The nearest named color in three reference sources, ranked by perceptual distance (ΔE76 in CIELAB). ΔE < 1 is imperceptible to most viewers; ΔE > 10 is clearly different. When two sources point to the same hex they’re merged into one tile; click any to open that color’s page.

Variations

Click any swatch to explore

Harmonies

Accessibility

Color-vision simulation

How this color appears to viewers with the four major color-vision-deficiency types. Computed via the Machado (2009) physiologically-based model. If a tile matches the original, the color reads the same to that viewer.

#e81502
Original
#655800
Protanopia
#958400
Deuteranopia
#ff0018
Tritanopia
#404040
Achromatopsia
WCAG contrast

The color used as foreground text against pure white and pure black, with the contrast ratio and WCAG 2.1 grade.

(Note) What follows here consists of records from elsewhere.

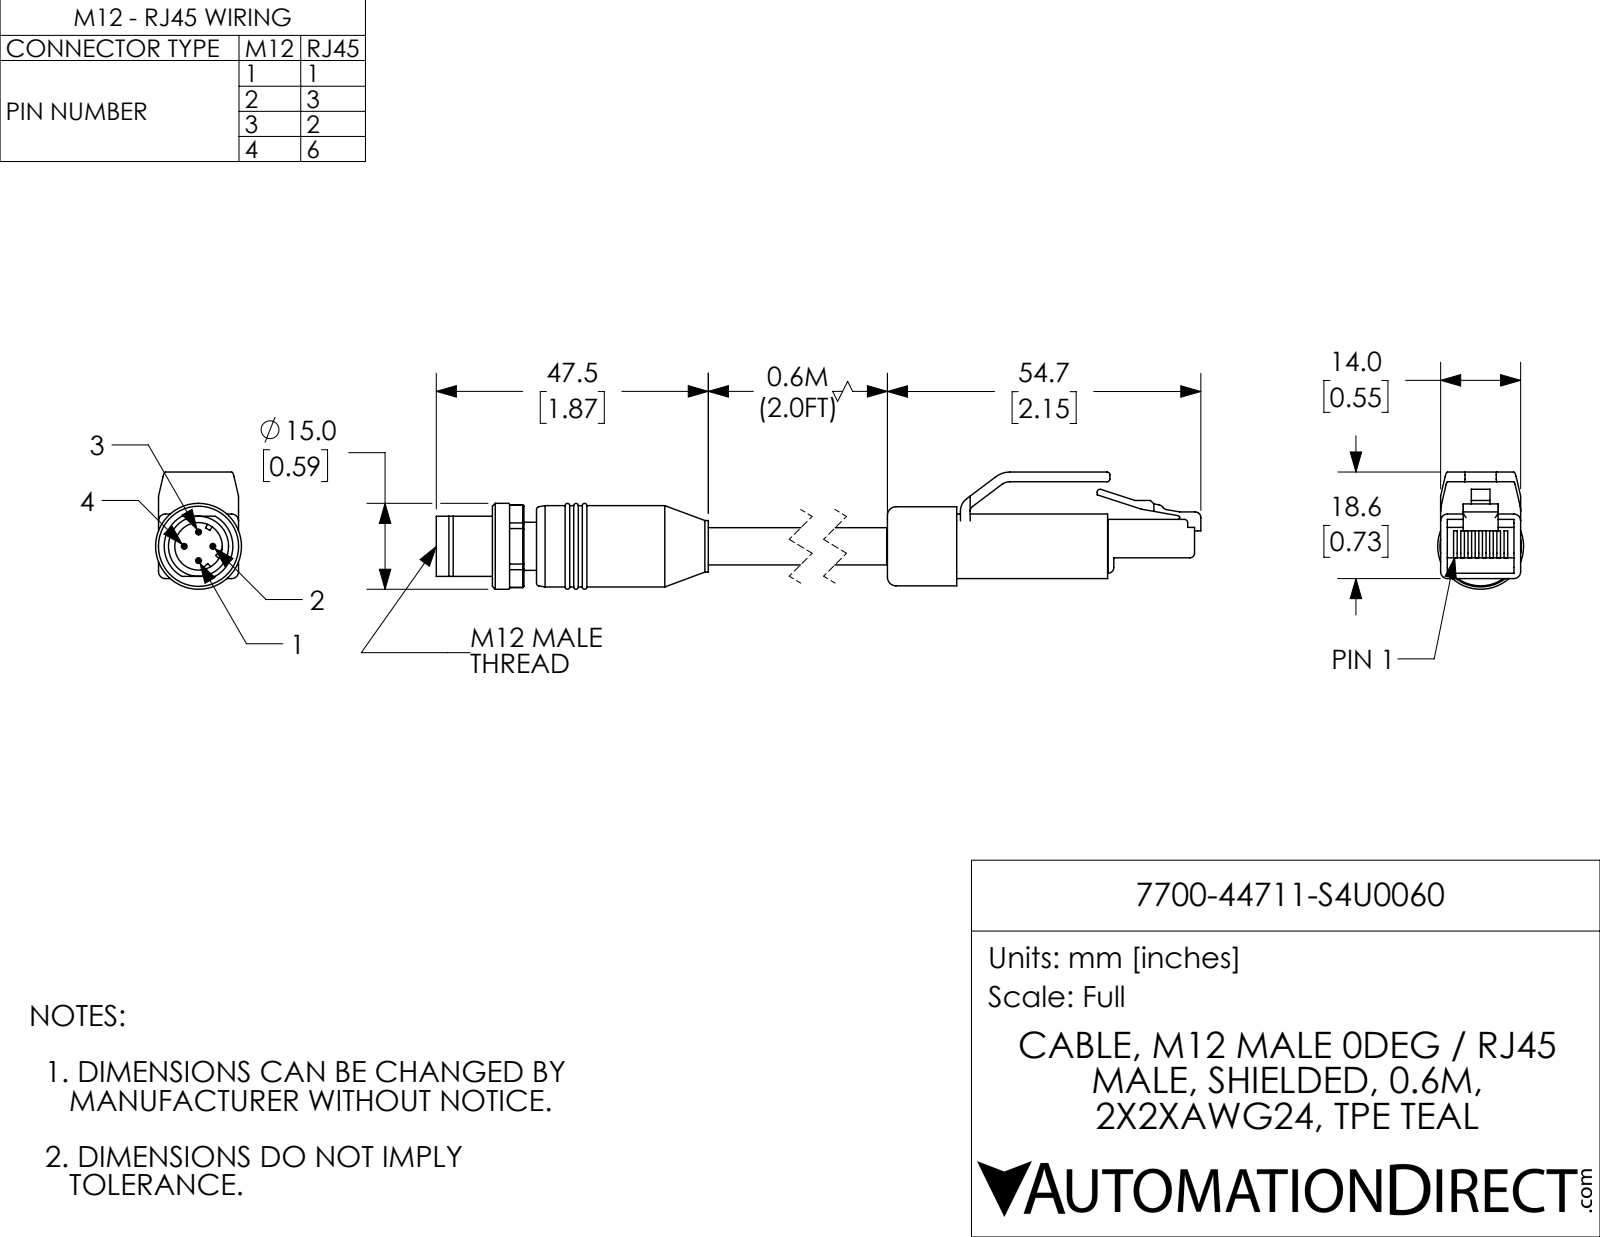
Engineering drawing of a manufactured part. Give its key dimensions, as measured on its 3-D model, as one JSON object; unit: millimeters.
{"part_name": "7700-44711-S4U0060; 7700-44711-S4U0060_RJ45; 7700-44711-S4U0060_MALE", "step_written_by": "SolidWorks 2017 (AUTOMOTIVE_DESIGN)", "units": "millimeters", "bodies": {"solids": 4, "faces": 230, "planar": 121, "cylindrical": 67, "other": 42}, "overall_size": [146.3, 20.5, 15], "volume_mm3": 14700, "surface_area_mm2": 7271, "round_holes": [[8.3, 1]], "round_bosses_or_shafts": [[1, 4], [15, 1], [14.2, 1], [13.8, 1], [10.5, 1], [9, 1], [8.4, 1], [6.5, 1]], "partial_cylinders_radius": [[1.2, 6], [0.5, 5], [1, 5], [0.3, 2], [0.6, 1], [0.8, 1], [2.3, 1], [2.7, 1]], "face_to_face_distances": [11.3, 14, 1.7, 3.6, 7.6, 10.3, 6.7, 0.9, 16.9, 18.6]}
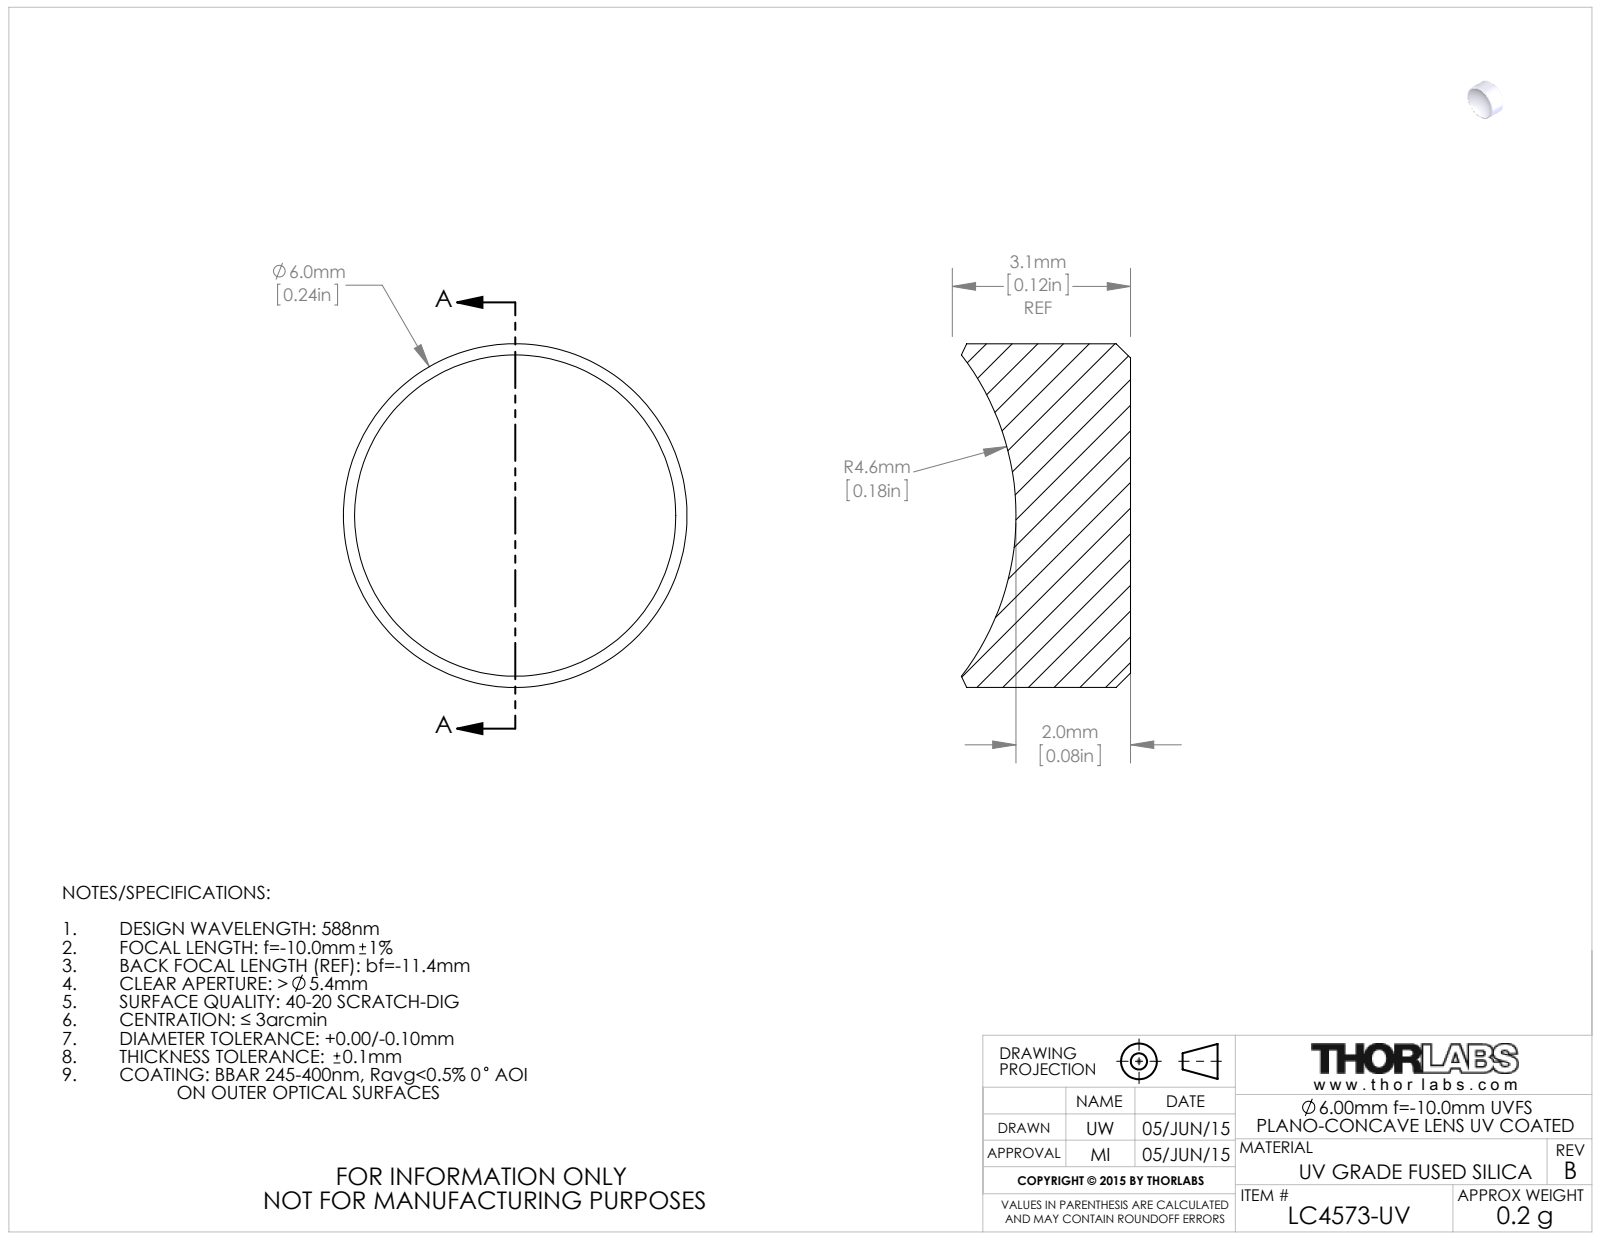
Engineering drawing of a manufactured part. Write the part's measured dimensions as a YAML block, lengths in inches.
part_name: "4341-E0W"
step_written_by: "SolidWorks 2014 (CONFIG_CONTROL_DESIGN)"
units: inches
bodies: {solids: 1, faces: 9, planar: 1, cylindrical: 2, other: 6}
overall_size: [0.236, 0.236, 0.116]
volume: 0.004
surface_area: 0.172
round_bosses_or_shafts:
  - {diameter: 0.236, count: 1}
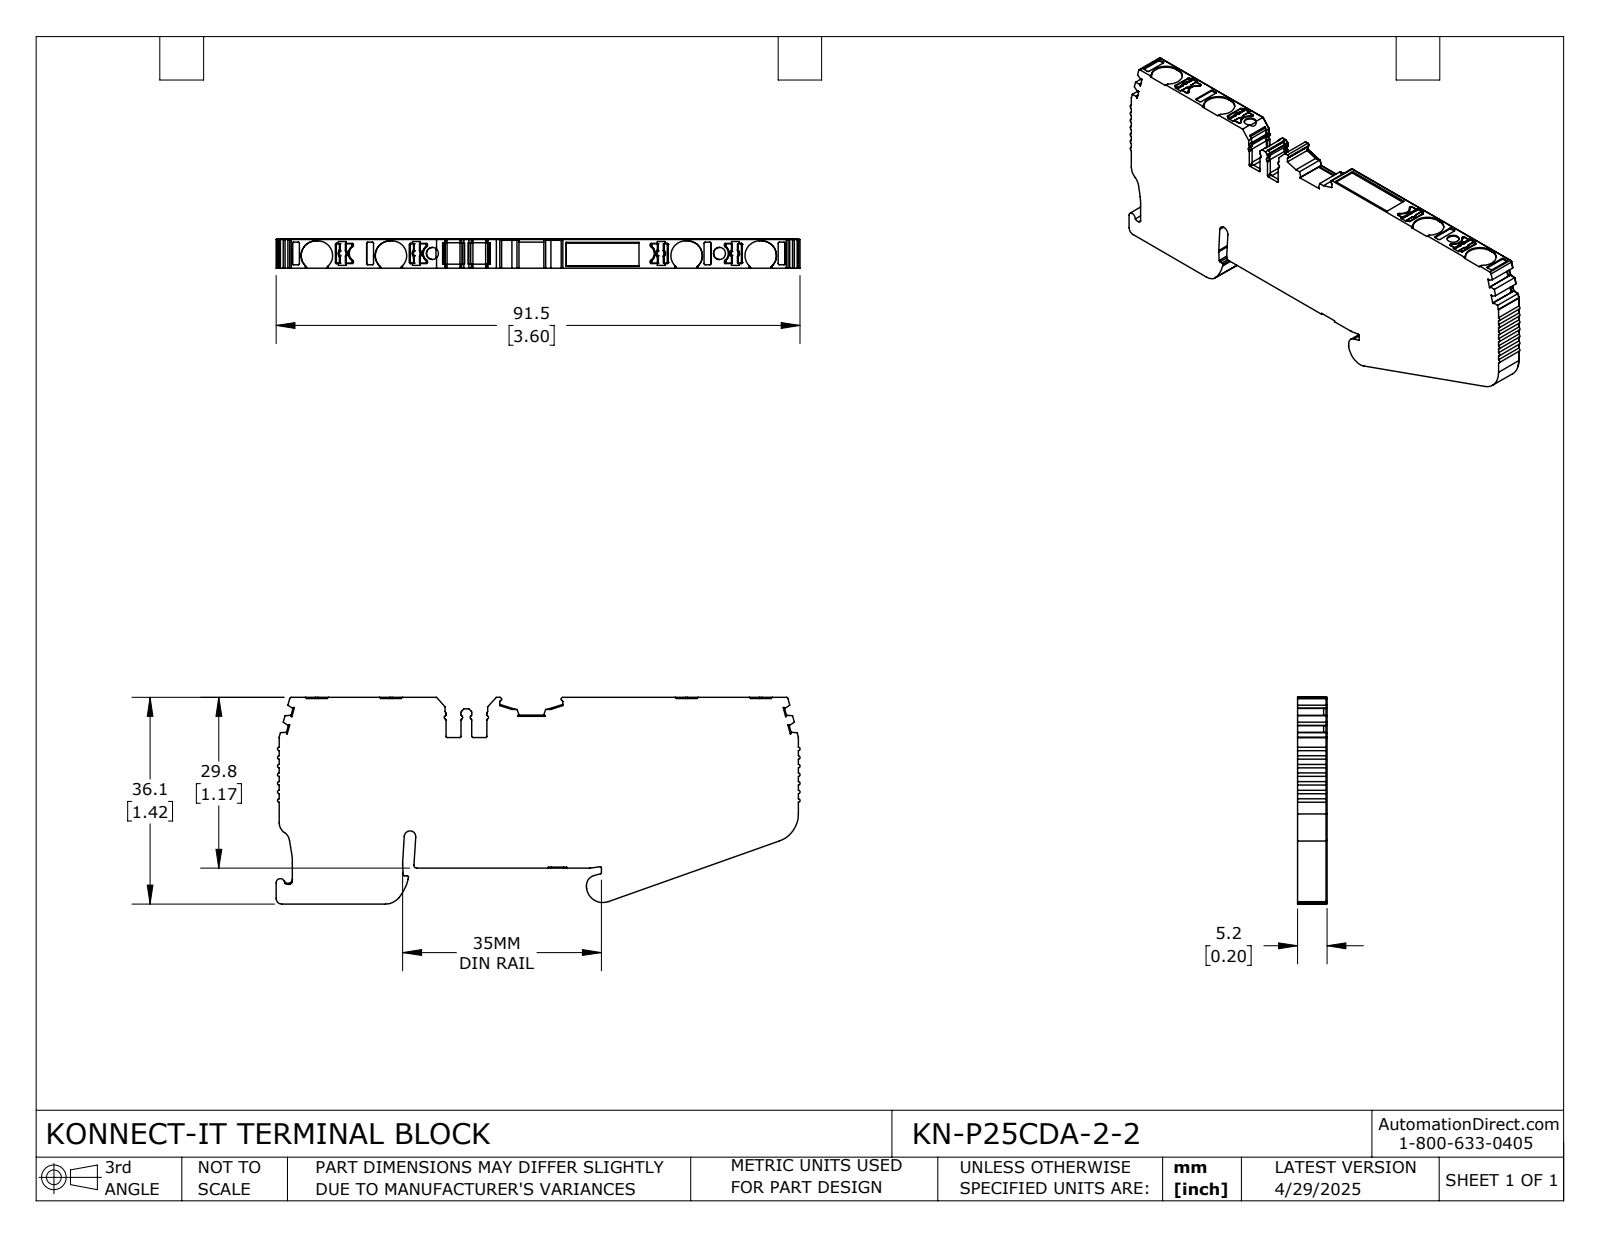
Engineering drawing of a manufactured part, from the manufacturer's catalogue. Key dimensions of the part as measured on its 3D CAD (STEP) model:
Part name (STEP PRODUCT): KN-P25CDA-2-2
STEP written by: SolidWorks 2024 (CONFIG_CONTROL_DESIGN)
Units: inches
Bodies: 1 solid, 748 faces (386 planar, 291 cylindrical, 71 other)
Overall size (bounding box): 3.602 × 1.42 × 0.203
Volume: 0.855 in³ · Surface area: 11.07 in²
Round holes (diameter × count): ⌀0.083 ×2
Partial cylindrical surfaces — rounded edges, fillets, slot ends (radius × count): R0.008 ×78, R0.012 ×39, R0.004 ×21, R0.02 ×18, R0.006 ×16, R0.016 ×9, R0.1 ×8, R0.059 ×4
Main face-to-face distances: 0.203, 1.166, 1.174, 0.246, 1.412, 1.42, 3.569, 0.197, 0.177, 0.047
Hole centre spacings: 1.973
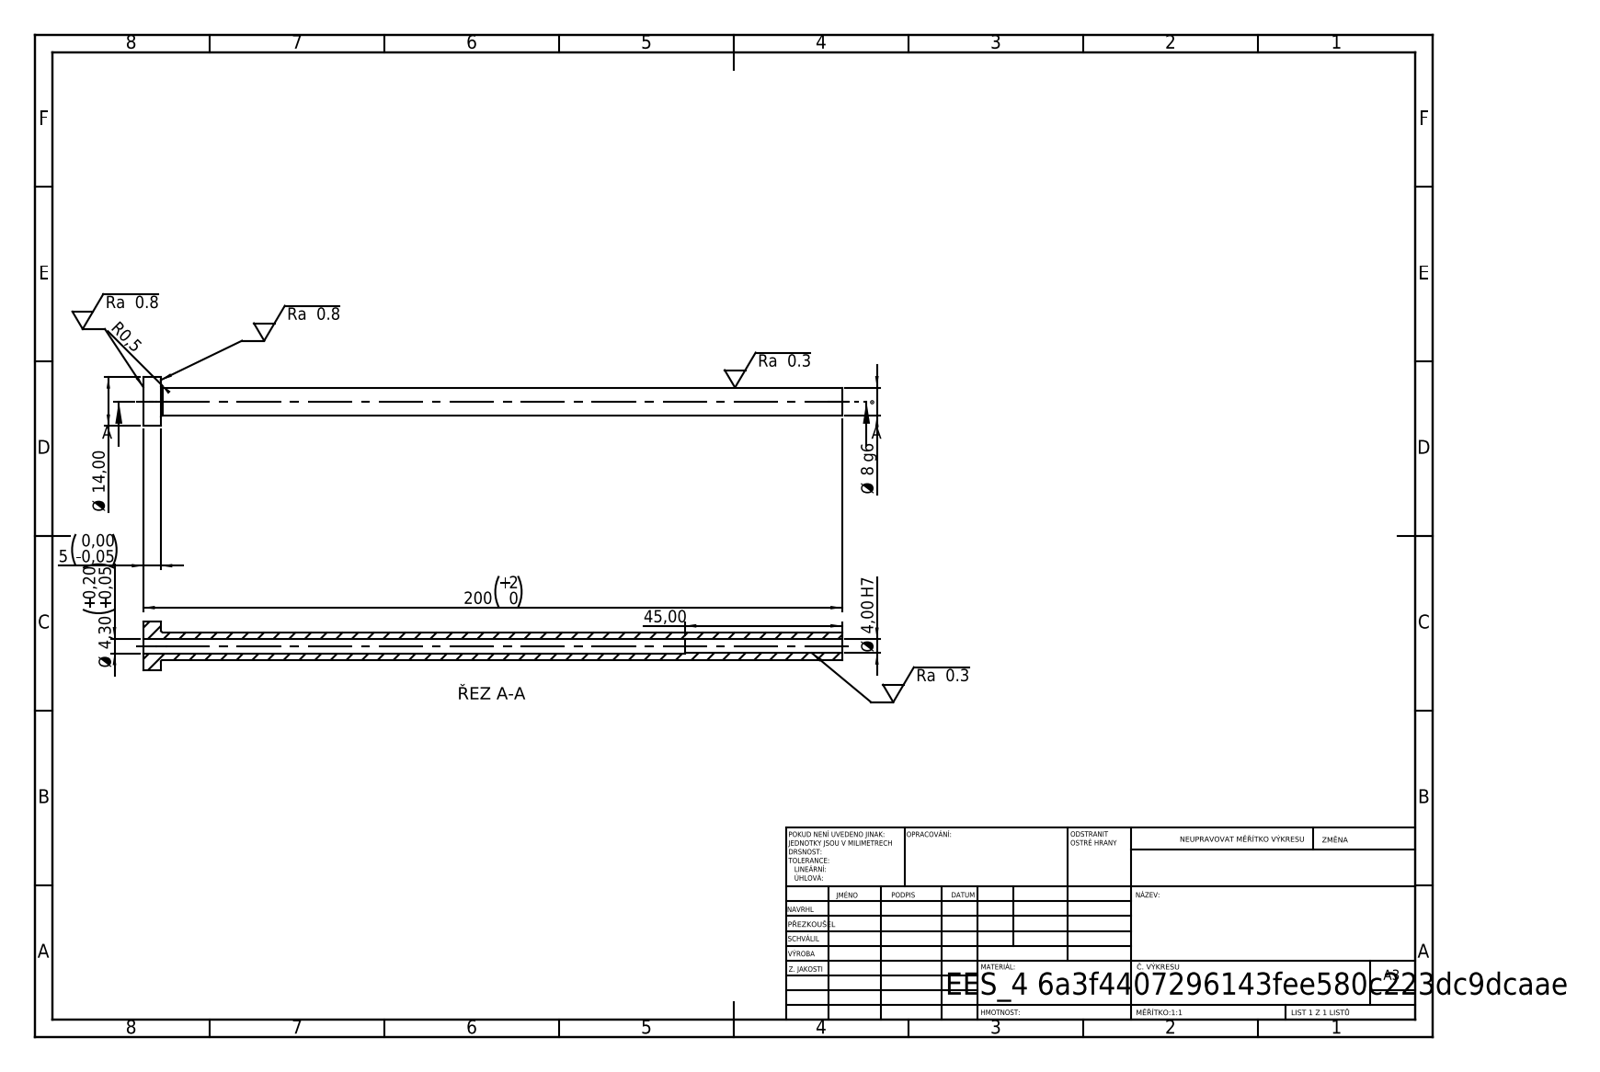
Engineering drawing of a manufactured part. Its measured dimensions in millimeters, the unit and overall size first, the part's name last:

Aim for AA (4.5:1) for body text and AA Large (3:1) for 18 pt+ headlines; AAA (7:1) is the gold standard for long-form reading surfaces.

The quick brown foxSample body text at normal size. The wcag minimum for body contrast is 4.5:1 (AA) or 7:1 (AAA).
AAon White
4.63:1
The quick brown foxSample body text at normal size. The wcag minimum for body contrast is 4.5:1 (AA) or 7:1 (AAA).
AAon Black
4.54:1

Wide gamut

Display P3 representation

The CSS Color 4 wide-gamut form of this color. Both swatches render the same color on every display — the P3 form only diverges from sRGB when a designer pushes channels outside sRGB's reach.

sRGB hex
sRGB hex
##E81502
Display P3
Display P3
color(display-p3 0.8351 0.2030 0.1277)
P3 has visible headroomOKLCH chroma 0.235

This color is chromatic enough that authoring it as P3 native (instead of clamping to sRGB) gives a perceptibly more saturated render on wide-gamut displays — modern Macs, iPhones, iPads, and most recent OLED laptops.